There are over 40,000 hits in bacteria for homology to `Peptidase_M23`. We are focusing on the 1,500 hits closest to archaea, and in particular _H. salarium_.

File `data/putative_targets.csv` from whoch the data is derived is generated from `src/run_target_search_sequence.sh`

In [9]:
target_hits = pd.read_csv(data_folder / 'putative_targets.csv', index_col='query')
target_hits.head()

Unnamed: 0_level_0,target,evalue,bitscore,target_start,target_end,query_accession,query_protein_id,target_accession,target_domain,pfam_domain,...,gtdb_family,gtdb_genus,gtdb_species,ncbi_organism_name,pfam_domains,tigr_domains,biomes,is_self,self_score,normalized_score
query,Unnamed: 1_level_1,Unnamed: 2_level_1,Unnamed: 3_level_1,Unnamed: 4_level_1,Unnamed: 5_level_1,Unnamed: 6_level_1,Unnamed: 7_level_1,Unnamed: 8_level_1,Unnamed: 9_level_1,Unnamed: 10_level_1,Unnamed: 11_level_1,Unnamed: 12_level_1,Unnamed: 13_level_1,Unnamed: 14_level_1,Unnamed: 15_level_1,Unnamed: 16_level_1,Unnamed: 17_level_1,Unnamed: 18_level_1,Unnamed: 19_level_1,Unnamed: 20_level_1,Unnamed: 21_level_1
GCA_001412335.1@KQC03133.1$PG_binding_3:75-146,KQC03133.1@GCA_001412335.1,5.7e-43,147.7,74,146,GCA_001412335.1,KQC03133.1,GCA_001412335.1,Archaea,PG_binding_3,...,Methanoregulaceae,SD8,SD8 sp001412335,Methanolinea sp.
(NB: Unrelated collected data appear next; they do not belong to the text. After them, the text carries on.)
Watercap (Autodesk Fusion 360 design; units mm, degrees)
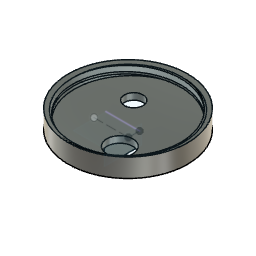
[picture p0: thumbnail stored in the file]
cylinder_primitive "CylinderPrimitive1" Height 10 Diameter 64
shell "Shell1" innerThickness 3.5
thread "Thread1"
hole "Hole1" HoleDepth 30 HoleDiameter 14 TipAngle 118
hole "Hole2" HoleDepth 30 HoleDiameter 10 TipAngle 118
box_primitive "BoxPrimitive1" DistanceX 20 DistanceY 20 DistanceZ 10 OffsetDistanceX 0 OffsetDistanceY 0
move "Move1"
sketch "Sketch5" plane through (0, 0, -9.5813) normal (0, 0, -1) x axis (1, 0, 0)
  line L1 (-18.8277, 13.8567) -> (1.1723, 13.8567)
  line L2 (-18.8277, -6.1433) -> (-18.8277, 13.8567)
  line L3 (1.1723, -6.1433) -> (-18.8277, -6.1433)
  line L4 (1.1723, 13.8567) -> (1.1723, -6.1433)
  line L5 (0.0733, 11.5199) -> (-17.9267, 11.5199)
  line L6 (0.0733, -6.4801) -> (0.0733, 11.5199)
  line L7 (-17.9267, -6.4801) -> (0.0733, -6.4801)
  line L8 (-17.9267, 11.5199) -> (-17.9267, -6.4801)
  point P6 (-17.9267, 11.5199)
  point P7 (0.0733, 11.5199)
  point P9 (-17.9267, -6.4801)
  horizontal L5
  vertical L6
  horizontal L7
  vertical L8
  dimension "d15" distance P6 P7 = 18
  dimension "d16" distance P6 P9 = 18
extrude "Extrude1" cut sketch "Sketch5" profile of L3 L5 L6 L8 against normal blind 6
sketch "Sketch6" plane through (0, 0, -3.5813) normal (0, 0, -1) x axis (1, 0, 0)
  line L1 (-17.9267, -6.1433) -> (-17.9267, 11.5199)
  line L2 (0.0733, 11.5199) -> (0.0733, -6.1433)
  line L3 (-17.9267, 11.5199) -> (0.0733, 11.5199)
  line L4 (-15.9267, -6.1433) -> (-17.9267, -6.1433)
  line L5 (-15.9267, -4.1433) -> (-15.9267, -6.1433)
  line L6 (-17.9267, -4.1433) -> (-15.9267, -4.1433)
  line L7 (-17.9267, -6.1433) -> (-17.9267, -4.1433)
  line L8 (0.0733, -6.1433) -> (-17.9267, -6.1433)
  point P3 (-17.9267, -6.1433)
  point P6 (-17.9267, -6.1433)
  point P7 (-15.9267, -6.1433)
  point P9 (-17.9267, -4.1433)
  horizontal L4
  vertical L5
  horizontal L6
  vertical L7
  coincident P3 P6
  dimension "d19" distance P6 P7 = 2
  dimension "d20" distance P6 P9 = 2
extrude "Extrude2" new body sketch "Sketch6" profile of L1 L4 L5 L6 L7 along normal blind 6
rectangular_pattern "R-Pattern1" uSpaceDistance -16 vSpaceDistance 9
sketch "Sketch7" plane through (1.1723, 0, 0) normal (1, 0, 0) x axis (0, 1, 0)
  line L1 (6.1433, 0.4187) -> (6.1433, -9.5813)
  line L2 (-13.8567, 0.4187) -> (6.1433, 0.4187)
  line L3 (-13.8567, -9.5813) -> (-13.8567, 0.4187)
  line L4 (6.1433, -9.5813) -> (-13.8567, -9.5813)
sketch "Sketch8" plane through (0, 0, -3.5813) normal (0, 0, -1) x axis (1, 0, 0)
  line L1 (-17.9267, -6.1433) -> (-17.9267, 11.5199)
  line L2 (0.0733, 11.5199) -> (0.0733, -6.1433)
  line L3 (-17.9267, 11.5199) -> (0.0733, 11.5199)
  line L4 (0.0733, -0.1433) -> (0.0733, -6.1433)
  line L5 (-18.3663, -0.1433) -> (0.0733, -0.1433)
  line L6 (0.0733, -6.1433) -> (-17.9267, -6.1433)
  point P4 (0.0733, -6.1433)
  point P6 (0.0733, -6.1433)
  point P7 (0.0733, -0.1433)
  coincident P4 P6
  coincident L2 P7
  perpendicular L2 L5
  dimension "d27" distance P6 P7 = 6
hole "Hole3" HoleDepth 5 HoleDiameter 2 TipAngle 118
rectangular_pattern "R-Pattern2" uSpaceDistance 14 vSpaceDistance 0
sketch "Sketch10" plane through (0, 0, -9.5813) normal (0, 0, -1) x axis (1, 0, 0)
  line L1 (-14, 11.2881) -> (-4.8967, 11.2881)
  line L2 (-14, 14) -> (-14, 11.2881)
  line L3 (-4.8967, 14) -> (-14, 14)
  line L4 (-4.8967, 11.2881) -> (-4.8967, 14)
  horizontal L1
  vertical L2
  horizontal L3
  vertical L4
extrude "Extrude3" cut sketch "Sketch10" against normal blind 4
combine "Combine1"
sketch "Sketch12" plane through (0, 0, 10) normal (0, 0, 1) x axis (-1, 0, 0)
  curve K1 (28.9244, 1.8723) -> (-15.6121, 27.0397)
  curve K2 (-27.0397, 15.6121) -> (-1.8723, -28.9244)
  arc A1 centre (0, 0) radius 28.985 clockwise from (28.9244, 1.8723) to (-1.8723, -28.9244)
  arc A2 centre (0, 0) radius 31.2231 clockwise from (-27.0397, 15.6121) to (-15.6121, 27.0397)
  circle C1 centre (0, 0) radius 32
sketch "Sketch13" plane through (0, 0, 10) normal (0, 0, 1) x axis (-1, 0, 0)
sketch "Sketch14" plane through (0, 0, -3.5813) normal (0, 0, -1) x axis (1, 0, 0)
  line L1 (-3.8769, -6.3082) -> (-13.8769, -6.3082)
  line L2 (-3.8769, -2.3082) -> (-3.8769, -6.3082)
  line L3 (-13.8769, -2.3082) -> (-3.8769, -2.3082)
  line L4 (-13.8769, -6.3082) -> (-13.8769, -2.3082)
  point P2 (-13.8769, -6.3082)
  point P3 (-3.8769, -6.3082)
  point P5 (-13.8769, -2.3082)
  horizontal L1
  vertical L2
  horizontal L3
  vertical L4
  dimension "d37" distance P2 P3 = 10
  dimension "d38" distance P2 P5 = 4
extrude "Extrude4" cut sketch "Sketch14" against normal blind 3.5

SDB,Glyco_hydro_108+PG_binding_3,,,True,147.7,100.0
GCA_001412335.1@KQC03133.1$PG_binding_3:75-146,JAEZHY010000039.1_63@GCA_023416335.1,3.7000000000000003e-17,66.2,87,158,GCA_001412335.1,KQC03133.1,GCA_023416335.1,Bacteria,PG_binding_3,...,Syntrophobacteraceae,SbD1,SbD1 sp023416335,Proteobacteria bacterium,Glyco_hydro_108+PG_binding_3,,,False,147.7,44.82
GCA_001412335.1@KQC03133.1$PG_binding_3:75-146,SPD73798.1@GCA_900258555.1,2.3e-16,63.6,87,157,GCA_001412335.1,KQC03133.1,GCA_900258555.1,Bacteria,PG_binding_3,...,Desulfatiglandaceae,UBA5623,UBA5623 sp900258555,uncultured Desulfobacterium sp.,Glyco_hydro_108+PG_binding_3,,,False,147.7,43.06
GCA_001412335.1@KQC03133.1$PG_binding_3:75-146,DIKH01000035.1_16@GCA_002424495.1,2.4e-16,63.6,87,157,GCA_001412335.1,KQC03133.1,GCA_002424495.1,Bacteria,PG_binding_3,...,Desulfatiglandaceae,UBA5623,UBA5623 sp002424495,Desulfobacteraceae bacterium UBA5623,Glyco_hydro_108+PG_binding_3,,,False,147.7,43.06
GCA_001412335.1@KQC03133.1$PG_binding_3:75-146,MCE5336962.1@GCA_021372055.1,3.1e-16,63.3,89,161,GCA_001412335.1,KQC03133.1,GCA_021372055.1,Bacteria,PG_binding_3,...,Syntrophobacteraceae,SbD1,SbD1 sp021372055,Desulfobacteraceae bacterium,Glyco_hydro_108+PG_binding_3,,,False,147.7,42.86


In [20]:
h_salarium_accession = 'GCF_000283335.1'

In [21]:
h_salarium_queries = sorted(set(target_hits[
    target_hits['query_accession'] == h_salarium_accession
].index))
h_salarium_queries

['GCF_000283335.1@WP_009365375.1$Glucosaminidase:67-181',
 'GCF_000283335.1@WP_009365375.1$PG_binding_1:203-260',
 'GCF_000283335.1@WP_009365375.1$PG_binding_1:273-327',
 'GCF_000283335.1@WP_157572895.1$PG_binding_1:197-254',
 'GCF_000283335.1@WP_157572895.1$PG_binding_1:270-321',
 'GCF_000283335.1@WP_157572895.1$Peptidase_M23:59-156']

In [26]:
h_salarium_m23_hits = target_hits.loc['GCF_000283335.1@WP_157572895.1$Peptidase_M23:59-156']
h_salarium_m23_hits = h_salarium_m23_hits[~h_salarium_m23_hits['target'].str.startswith('MGYP')].copy()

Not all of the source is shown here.